"The world's larger than inside your own head."
Likely Story
Starring Jessie Buckley and Jesse Plemons as a fairly new couple on their way to meet his parents and as the title would suggest, she's seriously contemplating breaking up with him. Both are good, but it's Buckley who anchors the emotional stakes of personal identity within these offbeat situations. Her grounded performance makes the surrealistic imagery all the more situated in identifiable discomfort.
Kaufman starts things off in a very much interior, mundane fashion using everyday chitchat to layer inner thoughts of dread and confusion beyond the couple's short relationship history. I cannot imagine how exhausting it must be living inside the filmmaker's brain if he can easily mine so much deeply referential angst about mortality or the meaningless of life from typical daily situations.
Toni Collette and David Thewlis co-star as Plemons' heightened, peculiar parents who appear to live in the literal middle of nowhere. The enigmatic film shifts focus to their pleasant but deeply weird dinner party featuring strange detours filled with disquieting moments of pure tension and internal dread more in the vein of psychological horror thanks to a painterly lens by cinematographer Łukasz Żal.

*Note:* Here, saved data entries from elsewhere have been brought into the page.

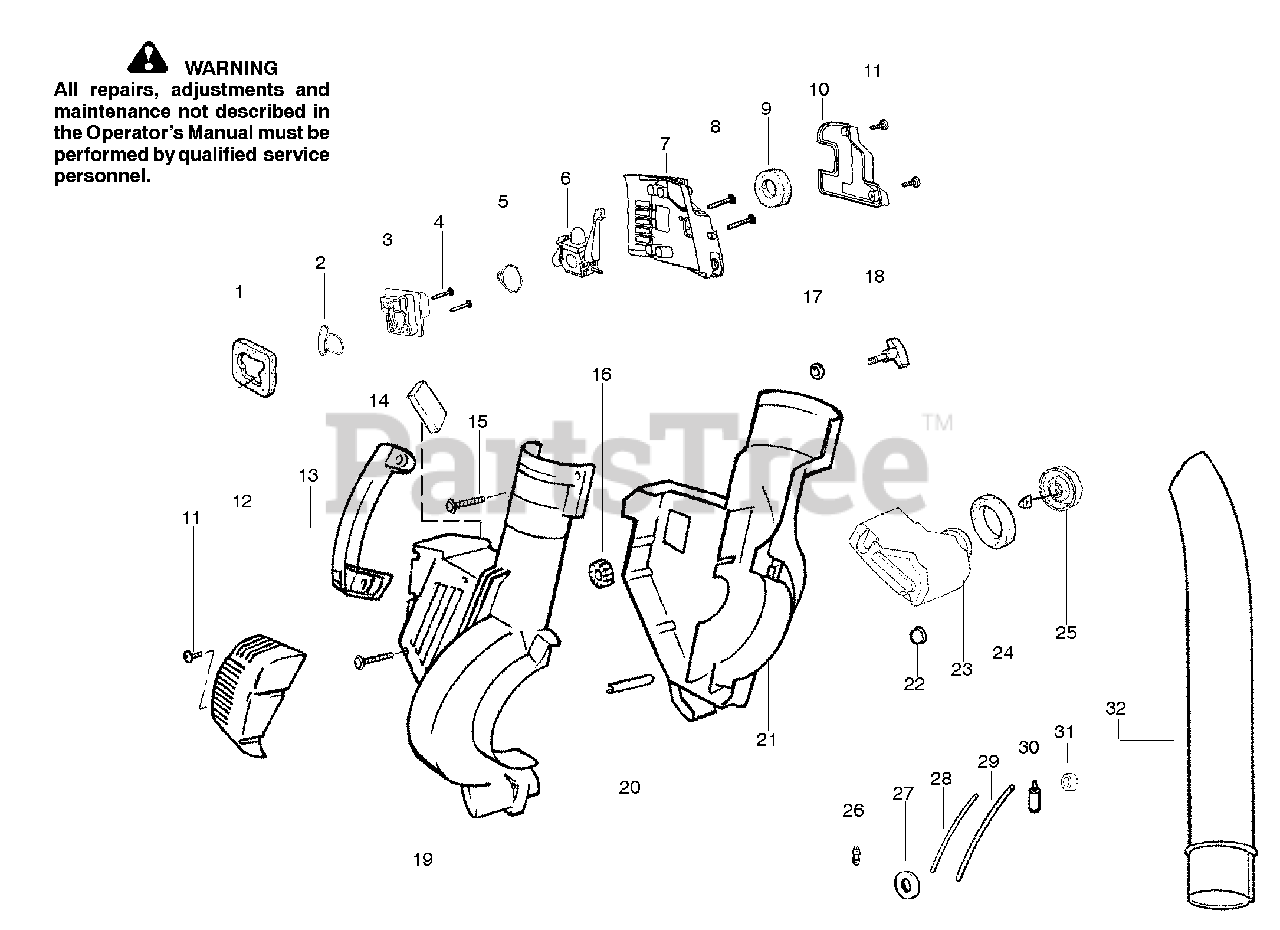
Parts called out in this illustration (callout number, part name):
1	Air Dam (kit)
2	Gasket-Adapter (kit)
3	Carburetor Adaptor
5	Gasket-Carburetor (kit)
6	Kit-Carb Ass'y. Zama-(C1Q-W11C)
6	Kit-Carb Ass'y. Walbro-(WT-606)
8	Screw-Carb.
9	Filter-Air
10	Cover-Air Filter
12	Guard-Muffler
14	Foam - 71.12mm (kit)
16	Isolator
18	Knob-Blower
19	Shroud-RH
20	Guide-Starter Rope
21	Shroud-LH
22	Isolator-Crankcase
23	Assy-Fuel Tank
24	Gasket-Fuel Tank
25	Fuel Cap w/Retainer
26	Fitting-Fuel Line
27	Grommet-Shroud
28	Kit-Line Carb/Purge
29	Kit-Line Tank/Purge
30	Assy-Fuel Pick-up
31	Grommet-Fuel line (kit)
32	Tube-Blower
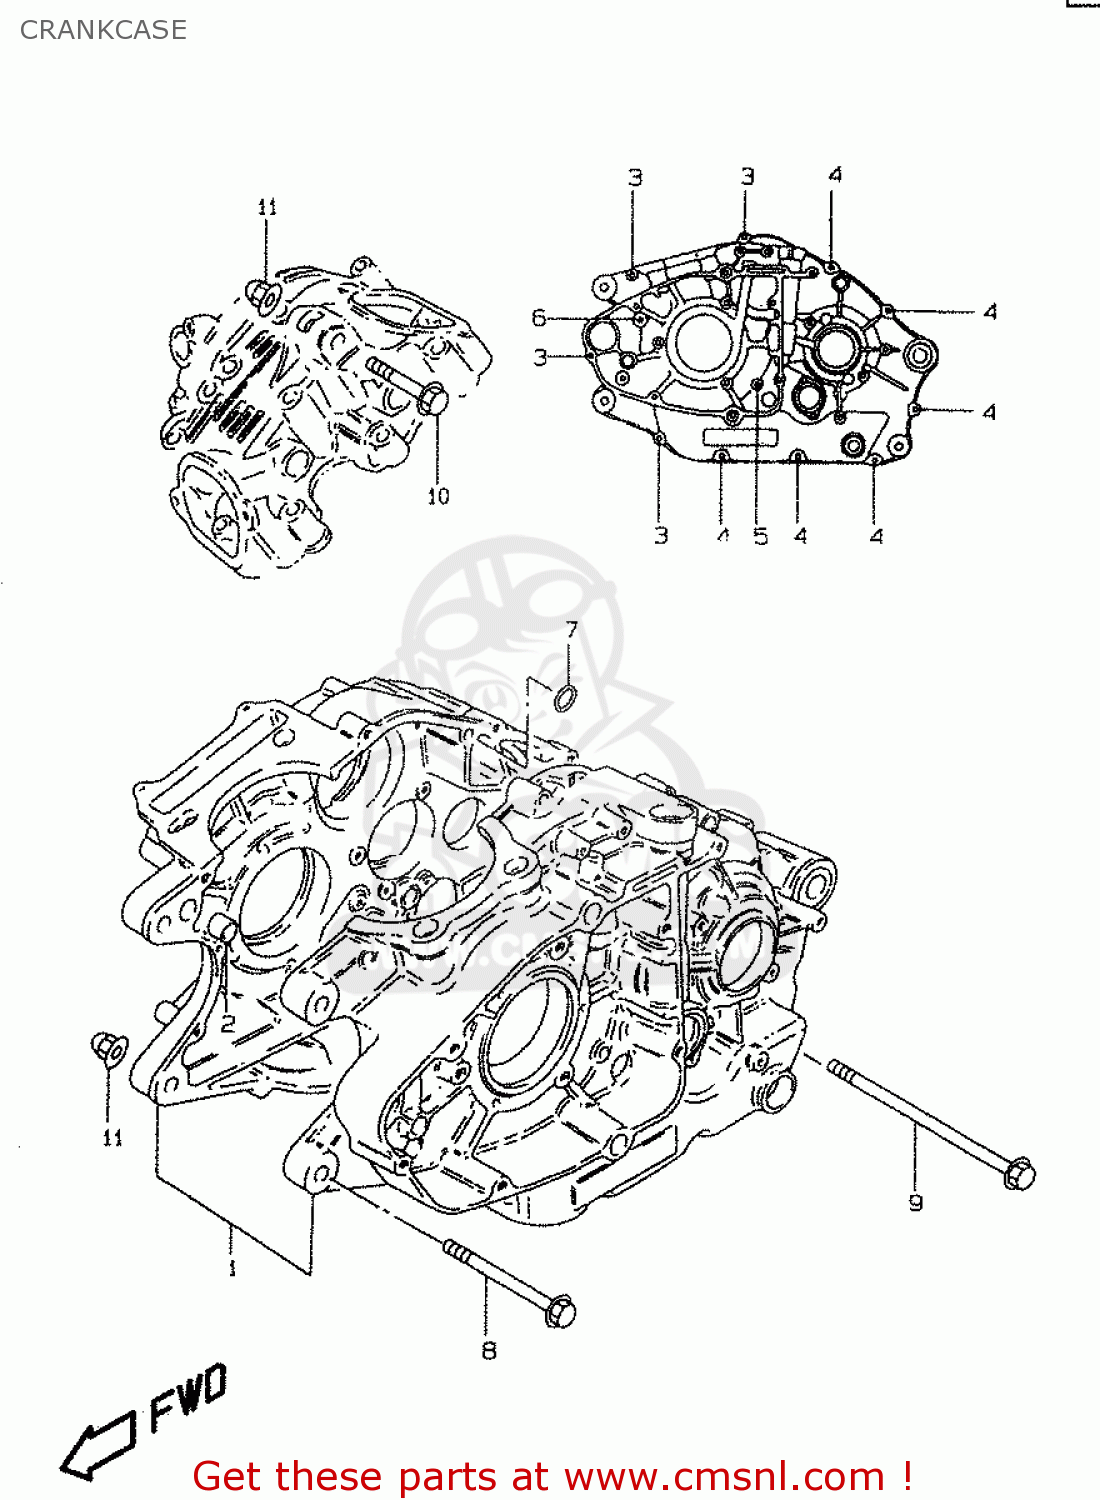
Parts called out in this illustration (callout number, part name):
1	CRANKCASE SET
2	PIN
3	BOLT
4	BOLT
5	BOLT
6	BOLT
7	O RING(D:1.9,ID:9.8)
8	BOLT(8X67)
9	BOLT(8X100)
10	BOLT(8X50)
11	NUT

Kaufman's densely-packed existential head trip of a challenging film bends our minds in dramatic fashion. I'm Thinking of Ending Things fits nicely into his cannon of defying conventional narratives. A sort of self-reflection and even parody of his previous works, the story unfolds a dreamlike remembrance of memories or realities. It's maddening yet soulful in how it honestly explores the human condition and psyche.
I'm Thinking of Ending Things is available to stream on Netflix.